## Import Required Dependencies

In [None]:
import numpy as np
import pandas as pd
from pprint import pprint
import re
from bs4 import BeautifulSoup
import requests
from collections import defaultdict
ses = requests.Session()

## Define Function for Auditing Dataframes
This is a function I use to give a snapshot of the data in the dataframe, so I can (hopefully) quickly identify problems that need to be fixed. It gives me a count of all records in the dataframe, null counts for each column, and then outputs a random sample of 20 values from each column.

In [None]:
# check for problem data
def audit_df(df):
    # show total records for dataset
    print("Total records in dataset:")
    print(len(df))
    print()
    # show how many null values for each column
    print("null values by column:")
    pprint(df.isnull().sum())
    print()
    print("Max value by column:")
    pprint(df.max())
    print("Min value by column:")
    pprint(df.min())
    for column in df.columns.values:
        print(column + ":")
        # convert column values to strings for better printing
        column_as_strings = set([str(i) for i in df[column]])
        # grab a random sample of 20 elements of each column
        pprint(random.sample(column_as_strings, min(20, len(column_as_strings))))
        print()

## Grab Offensive DVOA Data for Years 1986 to 2017
This data is coming from the offensive statistics tables at Football Outsiders.

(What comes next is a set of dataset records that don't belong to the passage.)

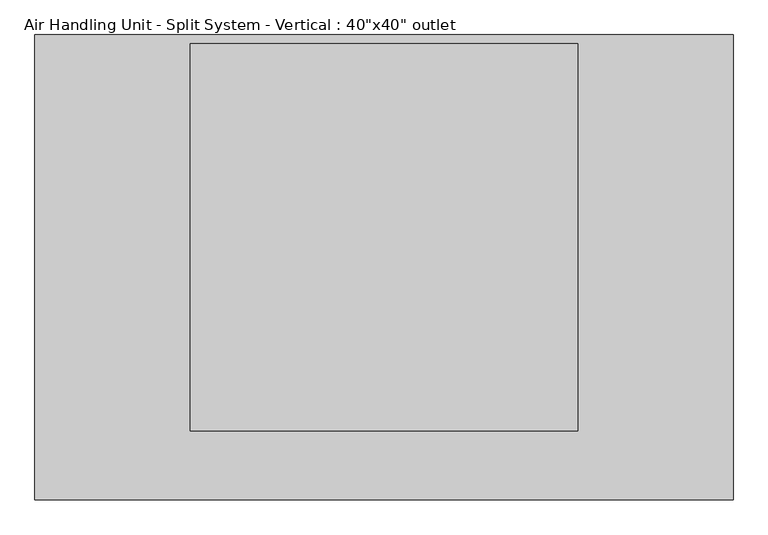
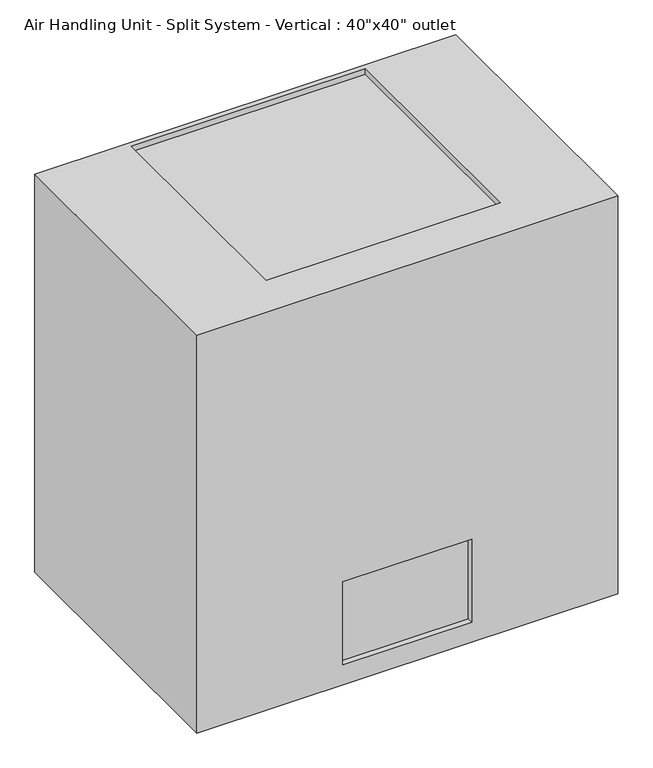
"""IFC4 building model written with IfcOpenShell, lengths in millimetres: proxy geometry."""

import ifcopenshell
import ifcopenshell.guid

model = None  # the IFC model being written
_history = None  # IfcOwnerHistory: only IFC2X3 demands one
_inside = {}  # id of a spatial element -> (the spatial element, [elements in it])
_under = {}  # id of a project, library or spatial element -> (it, [spatial elements below it])
_declared = {}  # id of a project -> (the project, [libraries it declares])
_typed = {}  # id of a type object -> (the type object, [elements of that type])
_made_of = {}  # id of a material, layer set ... -> (it, [elements and type objects made of it])


def new_model(schema):
    """Start an empty IFC model of exactly this schema.

    Asked for "IFC4X3", IfcOpenShell would pick the latest addendum, in which some entities
    have other attributes; the version numbers below select the first issue.
    IFC2X3 requires an IfcOwnerHistory on every rooted entity: one is made here for all.
    """
    global model, _history
    if schema == "IFC4X3":
        model = ifcopenshell.file(schema_version=(4, 3, 0, 0))
    else:
        model = ifcopenshell.file(schema=schema)
    _inside.clear()
    _under.clear()
    _declared.clear()
    _typed.clear()
    _made_of.clear()
    _history = None
    if model.schema == "IFC2X3":
        org = make("IfcOrganization", Name="unknown")
        user = make(
            "IfcPersonAndOrganization",
            ThePerson=make("IfcPerson", FamilyName="unknown"),
            TheOrganization=org,
        )
        app = make(
            "IfcApplication",
            ApplicationDeveloper=org,
            Version="unknown",
            ApplicationFullName="unknown",
            ApplicationIdentifier="unknown",
        )
        _history = make(
            "IfcOwnerHistory",
            OwningUser=user,
            OwningApplication=app,
            ChangeAction="ADDED",
            CreationDate=0,
        )
    return model


def make(cls, **values):
    """One entity of the class cls with the attributes given. An attribute that is None is left unset."""
    return model.create_entity(
        cls, **{name: value for name, value in values.items() if value is not None}
    )


def rooted(cls, **values):
    """An entity with a GlobalId (a new one), such as an element, a storey or a relation."""
    return make(cls, GlobalId=ifcopenshell.guid.new(), OwnerHistory=_history, **values)


def si_unit(unit_type, name, prefix=None):
    """IfcSIUnit, for example si_unit("LENGTHUNIT", "METRE", prefix="MILLI")."""
    return make("IfcSIUnit", UnitType=unit_type, Prefix=prefix, Name=name)


def assignment(units):
    """IfcUnitAssignment: the units of a project."""
    return None if units is None else make("IfcUnitAssignment", Units=units)


def point(xyz):
    """IfcCartesianPoint."""
    return None if xyz is None else make("IfcCartesianPoint", Coordinates=xyz)


def direction(xyz):
    """IfcDirection."""
    return None if xyz is None else make("IfcDirection", DirectionRatios=xyz)


def frame(location, z_axis=None, x_axis=None):
    """IfcAxis2Placement3D, a coordinate frame: its origin and axes. An axis left out is left unset."""
    return make(
        "IfcAxis2Placement3D",
        Location=point(location),
        Axis=direction(z_axis),
        RefDirection=direction(x_axis),
    )


def frame_2d(location, x_axis=None):
    """IfcAxis2Placement2D, a coordinate frame in the plane: its origin and x axis."""
    return make(
        "IfcAxis2Placement2D", Location=point(location), RefDirection=direction(x_axis)
    )


def origin():
    """The frame at (0, 0, 0) with its axes left unset."""
    return frame((0.0, 0.0, 0.0))


def place(relative_to, where):
    """IfcLocalPlacement: puts the frame where relative to a parent placement (None: the world)."""
    return make(
        "IfcLocalPlacement", PlacementRelTo=relative_to, RelativePlacement=where
    )


def context(
    kind, dimensions, precision=None, world=None, true_north=None, identifier=None
):
    """IfcGeometricRepresentationContext, for example the 3D "Model" context."""
    return make(
        "IfcGeometricRepresentationContext",
        ContextIdentifier=identifier,
        ContextType=kind,
        CoordinateSpaceDimension=dimensions,
        Precision=precision,
        WorldCoordinateSystem=world,
        TrueNorth=true_north,
    )


def project(units=None, contexts=None):
    """IfcProject with its units and contexts."""
    return rooted(
        "IfcProject",
        Name="project",
        RepresentationContexts=contexts,
        UnitsInContext=assignment(units),
    )


def spatial(cls, under=None, at=None, **own):
    """A site, building, storey or space (cls), placed at a placement, below another one or the project."""
    s = rooted(cls, ObjectPlacement=at, **own)
    if under is not None:
        _under.setdefault(under.id(), (under, []))[1].append(s)
    return s


def circle_curve(where, radius):
    """IfcCircle in the frame where."""
    return make("IfcCircle", Position=where, Radius=radius)


def trimmed(basis, trim1, trim2, sense, master):
    """IfcTrimmedCurve: the piece of a basis curve between two trims."""
    return make(
        "IfcTrimmedCurve",
        BasisCurve=basis,
        Trim1=trim1,
        Trim2=trim2,
        SenseAgreement=sense,
        MasterRepresentation=master,
    )


def segment(curve, same_sense, transition):
    """IfcCompositeCurveSegment."""
    return make(
        "IfcCompositeCurveSegment",
        Transition=transition,
        SameSense=same_sense,
        ParentCurve=curve,
    )


def composite_curve(segments, self_intersect=None):
    """IfcCompositeCurve: segments joined end to end."""
    return make("IfcCompositeCurve", Segments=segments, SelfIntersect=self_intersect)


def outline(outer, holes=None, kind="AREA"):
    """IfcArbitraryClosedProfileDef: a profile drawn as a closed curve; with holes, ...WithVoids."""
    if holes is None:
        return make("IfcArbitraryClosedProfileDef", ProfileType=kind, OuterCurve=outer)
    return make(
        "IfcArbitraryProfileDefWithVoids",
        ProfileType=kind,
        OuterCurve=outer,
        InnerCurves=holes,
    )


def extrude(swept, where, along, depth):
    """IfcExtrudedAreaSolid: the profile swept, set in the frame where, extruded along a direction by depth."""
    return make(
        "IfcExtrudedAreaSolid",
        SweptArea=swept,
        Position=where,
        ExtrudedDirection=direction(along),
        Depth=depth,
    )


def faces_of(points, faces, orient=None, outer=None):
    """IfcFace entities. A face is a list of loops; a loop is a list of indices into points, from 0.

    orient and outer hold one flag for each loop. By default every Orientation is true, the
    first loop of a face is its IfcFaceOuterBound and the others are IfcFaceBound.
    """
    made = []
    for i, loops in enumerate(faces):
        bounds = []
        for j, loop in enumerate(loops):
            is_outer = j == 0 if outer is None else outer[i][j]
            bounds.append(
                make(
                    "IfcFaceOuterBound" if is_outer else "IfcFaceBound",
                    Bound=make("IfcPolyLoop", Polygon=[points[k] for k in loop]),
                    Orientation=True if orient is None else orient[i][j],
                )
            )
        made.append(make("IfcFace", Bounds=bounds))
    return made


def faceted_brep(points, faces, orient=None, outer=None, voids=None):
    """IfcFacetedBrep: a solid bounded by flat faces; with voids (closed shells), ...WithVoids."""
    shared = [point(p) for p in points]
    hull = make("IfcClosedShell", CfsFaces=faces_of(shared, faces, orient, outer))
    if voids is None:
        return make("IfcFacetedBrep", Outer=hull)
    return make(
        "IfcFacetedBrepWithVoids",
        Outer=hull,
        Voids=[
            make(cls, CfsFaces=faces_of(shared, fs, o, b)) for cls, fs, o, b in voids
        ],
    )


def shape(context_of_items, identifier, shape_type, items):
    """IfcShapeRepresentation: the items that make up one representation, for example the "Body"."""
    return make(
        "IfcShapeRepresentation",
        ContextOfItems=context_of_items,
        RepresentationIdentifier=identifier,
        RepresentationType=shape_type,
        Items=items,
    )


def source(mapping_origin, context_of_items, identifier, shape_type, items):
    """IfcRepresentationMap: a shape defined once, which mapped items show again and again."""
    return make(
        "IfcRepresentationMap",
        MappingOrigin=mapping_origin,
        MappedRepresentation=shape(context_of_items, identifier, shape_type, items),
    )


def transform(
    local_origin,
    x_axis=None,
    y_axis=None,
    z_axis=None,
    scale=None,
    scale2=None,
    scale3=None,
    uniform=True,
):
    """IfcCartesianTransformationOperator3D, or its non-uniform kind. x_axis, y_axis, z_axis: its Axis1, 2, 3."""
    if uniform:
        return make(
            "IfcCartesianTransformationOperator3D",
            Axis1=direction(x_axis),
            Axis2=direction(y_axis),
            LocalOrigin=point(local_origin),
            Scale=scale,
            Axis3=direction(z_axis),
        )
    return make(
        "IfcCartesianTransformationOperator3DnonUniform",
        Axis1=direction(x_axis),
        Axis2=direction(y_axis),
        LocalOrigin=point(local_origin),
        Scale=scale,
        Axis3=direction(z_axis),
        Scale2=scale2,
        Scale3=scale3,
    )


def mapped(mapping_source, mapping_target):
    """IfcMappedItem: shows the shape of a source again, moved by a transform."""
    return make(
        "IfcMappedItem", MappingSource=mapping_source, MappingTarget=mapping_target
    )


def made_of(thing, what):
    """Note that an element or type object is made of a material, layer set ...; save() writes the relation."""
    if what is not None:
        _made_of.setdefault(what.id(), (what, []))[1].append(thing)
    return thing


def element(
    cls,
    number,
    at=None,
    inside=None,
    cuts=None,
    type_object=None,
    material=None,
    context=None,
    identifier="Body",
    shape_type=None,
    held_by="IfcProductDefinitionShape",
    body=None,
    shapes=None,
    **own,
):
    """One element of the class cls, such as IfcWall. Its Tag is "e" and its number.

    at: its placement. inside: the storey or other place that contains it. cuts: it is an
    opening in that element (IfcRelVoidsElement). A single representation is given by context,
    identifier, shape_type and body (its items); several are given by shapes. held_by: the class
    of the entity that holds the representations. save() writes the other relations.
    """
    e = rooted(cls, Tag="e%d" % number, ObjectPlacement=at, **own)
    if body is not None:
        shapes = [shape(context, identifier, shape_type, body)]
    if shapes is not None:
        e.Representation = make(held_by, Representations=shapes)
    if inside is not None:
        _inside.setdefault(inside.id(), (inside, []))[1].append(e)
    if cuts is not None:
        rooted(
            "IfcRelVoidsElement", RelatingBuildingElement=cuts, RelatedOpeningElement=e
        )
    if type_object is not None:
        _typed.setdefault(type_object.id(), (type_object, []))[1].append(e)
    return made_of(e, material)


def aggregate(whole, parts):
    """IfcRelAggregates: a whole, such as a stair, and the parts it consists of."""
    return rooted("IfcRelAggregates", RelatingObject=whole, RelatedObjects=parts)


def save(model, path):
    """Write the relations noted so far, then the file.

    IfcRelAggregates (storeys below a building ...), IfcRelContainedInSpatialStructure (elements
    in a storey), IfcRelDefinesByType, IfcRelAssociatesMaterial and IfcRelDeclares: one each for
    every whole, place, type object, material and project.
    """
    for whole, parts in _under.values():
        aggregate(whole, parts)
    for where, things in _inside.values():
        rooted(
            "IfcRelContainedInSpatialStructure",
            RelatedElements=things,
            RelatingStructure=where,
        )
    for kind, things in _typed.values():
        rooted("IfcRelDefinesByType", RelatedObjects=things, RelatingType=kind)
    for what, things in _made_of.values():
        rooted("IfcRelAssociatesMaterial", RelatedObjects=things, RelatingMaterial=what)
    for by, libraries in _declared.values():
        rooted("IfcRelDeclares", RelatingContext=by, RelatedDefinitions=libraries)
    model.write(path)


def proxy_8db298f6(model_context):
    return source(origin(), model_context, "Body", "SolidModel", [
        extrude(outline(composite_curve([segment(trimmed(circle_curve(frame_2d((132.55625, -866.378125)), 9.525), [point((142.08125, -866.378125))], [point((123.03125, -866.378125))], False, "CARTESIAN"), True, "CONTINUOUS"), segment(trimmed(circle_curve(frame_2d((132.55625, -866.378125)), 9.525), [point((123.03125, -866.378125))], [point((142.08125, -866.378125))], False, "CARTESIAN"), True, "CONTINUOUS")], self_intersect=False)), frame((0.0, 287.0398438, 0.0), z_axis=(0.0, 1.0, 0.0), x_axis=(0.0, 0.0, 1.0)), (0.0, 0.0, 1.0), 25.4),
        extrude(outline(composite_curve([segment(trimmed(circle_curve(frame_2d((394.096875, 815.975)), 4.7625), [point((398.859375, 815.975))], [point((389.334375, 815.975))], False, "CARTESIAN"), True, "CONTINUOUS"), segment(trimmed(circle_curve(frame_2d((394.096875, 815.975)), 4.7625), [point((389.334375, 815.975))], [point((398.859375, 815.975))], False, "CARTESIAN"), True, "CONTINUOUS")], self_intersect=False)), frame((0.0, 287.0398438, 0.0), z_axis=(0.0, 1.0, 0.0), x_axis=(0.0, 0.0, 1.0)), (0.0, 0.0, 1.0), 25.4),
        extrude(outline(composite_curve([segment(trimmed(circle_curve(frame_2d((465.534375, 815.975)), 14.2875), [point((479.821875, 815.975))], [point((451.246875, 815.975))], False, "CARTESIAN"), True, "CONTINUOUS"), segment(trimmed(circle_curve(frame_2d((465.534375, 815.975)), 14.2875), [point((451.246875, 815.975))], [point((479.821875, 815.975))], False, "CARTESIAN"), True, "CONTINUOUS")], self_intersect=False)), frame((0.0, 287.0398438, 0.0), z_axis=(0.0, 1.0, 0.0), x_axis=(0.0, 0.0, 1.0)), (0.0, 0.0, 1.0), 25.4),
        faceted_brep([(914.4, 609.6, 1828.8), (-914.4, 609.6, 1828.8), (-914.4, -609.6, 1828.8), (914.4, -609.6, 1828.8), (508.0, 586.7796875, 1828.8), (508.0, -429.2203125, 1828.8), (-508.0, -429.2203125, 1828.8), (-508.0, 586.7796875, 1828.8), (914.4, 609.6, 0.0), (914.4, -609.6, 0.0), (-914.4, -609.6, 0.0), (-914.4, 609.6, 0.0), (279.4, -609.6, 472.8765625), (279.4, -609.6, 91.8765625), (-279.4, -609.6, 91.8765625), (-279.4, -609.6, 472.8765625), (508.0, 586.7796875, 1803.4), (-508.0, 586.7796875, 1803.4), (-508.0, -429.2203125, 1803.4), (508.0, -429.2203125, 1803.4), (279.4, -584.2, 472.8765625), (-279.4, -584.2, 472.8765625), (-279.4, -584.2, 91.8765625), (279.4, -584.2, 91.8765625)], [[[0, 1, 2, 3], [4, 5, 6, 7]], [[8, 9, 10, 11]], [[1, 0, 8, 11]], [[2, 1, 11, 10]], [[3, 2, 10, 9], [12, 13, 14, 15]], [[0, 3, 9, 8]], [[16, 17, 18, 19]], [[16, 19, 5, 4]], [[19, 18, 6, 5]], [[18, 17, 7, 6]], [[17, 16, 4, 7]], [[20, 21, 22, 23]], [[20, 23, 13, 12]], [[23, 22, 14, 13]], [[22, 21, 15, 14]], [[21, 20, 12, 15]]]),
    ])


if __name__ == "__main__":
    model = new_model("IFC4")
    model_context = context("Model", 3, world=origin())
    ifc_project = project(units=[si_unit("LENGTHUNIT", "METRE", prefix="MILLI")], contexts=[model_context])
    site = spatial("IfcSite", under=ifc_project)
    building = spatial("IfcBuilding", under=site)
    placement = place(None, origin())
    proxy_shape = proxy_8db298f6(model_context)
    element("IfcBuildingElementProxy", 1, Name="Air Handling Unit - Split System - Vertical : 40\"x40\" outlet", ObjectType="Air Handling Unit - Split System - Vertical : 40\"x40\" outlet", at=placement, inside=building, context=model_context, shape_type="MappedRepresentation", body=[
        mapped(proxy_shape, transform((0.0, 0.0, 0.0), x_axis=(1.0, 0.0, 0.0), y_axis=(0.0, 1.0, 0.0), z_axis=(0.0, 0.0, 1.0))),
    ])
    save(model, "model.ifc")

# Revit data of these elements
# Project information
#   Project Issue Date = "Issue Date"
#   Project Status = "Project Status"
#   Client Name = "Owner"
#   Project Address = "Enter address here"
#   Project Name = "Project Name"
#   Project Number = "Project Number"
# Type "Air Handling Unit - Split System - Vertical : 40\"x40\" outlet"
#   PartShape = "Rectangular Duct"
#   Model = "03"
#   Voltage = 208 V
#   UnitWidth = 6' - 0"
#   UnitHeight = 6' - 0"
#   UnitDepth = 4' - 0"
#   Width1 = 3' - 4"
#   SupplyOpeningOffset = 0' - 0 115/128"
#   Outlet Radius = 9/16"
#   Outlet Diameter = 1 1/8"
#   Inlet Radius = 3/16"
#   Inlet Diameter = 3/8"
#   Height1 = 3' - 4"
#   SupplyConnectorOffset = 1' - 8"
#   Width2 = 1' - 10"
#   Height2 = 1' - 3"
#   ReturnConnectorOffset = 0' - 7 1/2"
#   ReturnAirOffset = 0' - 3 79/128"
#   Half UnitWidth = 3' - 0"
#   Drain Flow [instance default] = 0 GPM
#   C3 Offset 1 = 1' - 6 21/64"
#   Apparent Load = 10816 VA
#   External Static Pressure [instance default] = 0.50 in-wg
#   Air Flow [instance default] = 1170 CFM
#   Number of Poles = 3
#   Load Classification = Cooling
#   Assembly Code = ""

The script below accesses those pages for each season from 1986 to 2017, and parses out all the statistics.

In [None]:
def get_soup(ses, url):
    try:
        resp = ses.get(url)
        if resp.ok:
            soup = BeautifulSoup(resp.text, "lxml")
            return soup
    except:
        return None

def get_stats_table(soup):
    body = soup.find('body')
    content = body.find('div', id='content')
    content_main = content.find('div', id='content_main')
    columns = content_main.find('div', id='columns')
    center = columns.find('div', id='center')
    content_body = center.find("div", {"class": "content-body"})
    stats_table = content_body.find("table", {"class": "stats"})
    return stats_table

def format_cell_text(td):
    formatted_text = td.text.replace("\n","")
    formatted_text = re.sub('\.|-', '_', formatted_text)
    formatted_text = re.sub('_$', '', formatted_text).lower()
    return formatted_text

def format_records(headers, records):
    formatted_records = []
    headers += ['year', 'stat_type']
    for row in records:
        temp_dict = {}
        for idx, val in enumerate(row):
            temp_dict[headers[idx]] = val
        formatted_records.append(temp_dict)
    return formatted_records

def extract_off_headers(headers, formatted_text):
    if formatted_text in ["rk", "rank"]:
        return [headers[-1] + "_rank"]
    elif formatted_text == 'non_adjusted':
        return ['na_' + x for x in ['total', 'pass', 'rush']]
    elif formatted_text == "weightedoffense":
        return ["wei_offense"]
    else:
        return [formatted_text]   
    
def extract_skillpos_headers(headers, formatted_text):
    if formatted_text in ["rk", "rank"]:
        return [headers[-1] + "_rank"]
    elif formatted_text == "pass":
        return ["passes"]
    else:
        return [formatted_text]

def extract_stats(soup, year, stat_type):
    stats_table = get_stats_table(soup)
    row_counter = 0
    records = []
    headers = []
    for tr in stats_table.findAll('tr'):
        temp_row = []
        for td in tr.findAll('td'):            
            if row_counter == 0:
                if td.text != "":
                    formatted_text = format_cell_text(td)
                    if stat_type == "teamoff":
                        if headers == []:
                            headers = ["off_dvoa_rank"]
                        headers += extract_off_headers(headers, formatted_text)
                    elif stat_type == "qb":
                        headers += extract_skillpos_headers(headers, formatted_text)
            else:                
                if "%" in td.text:
                    # convert percentage strings to floats
                    try:
                        temp_row.append(float(td.text.strip("%")) / 100)
                    except:
                        temp_row.append("")
                else:
                    try:
                        temp_row.append(float(td.text))
                    except:
                        temp_row.append(td.text)
        if temp_row != [] and temp_row[0] != "" and temp_row[0] != "Player":
            records.append(temp_row + [year, stat_type])                
        row_counter += 1
    formatted_records = format_records(headers, records)
    return formatted_records

stats_uri = "http://www.footballoutsiders.com/stats/"
stats = defaultdict(list)
stats_tables = ['teamoff', 'qb']
for st in stats_tables:
    for year in range(1986, 2018):
        soup = get_soup(ses, stats_uri + str(st) + str(year))
        if soup:
            stats[st] += extract_stats(soup, year, st)
        print("Completed year {} for stat {}".format(year, st))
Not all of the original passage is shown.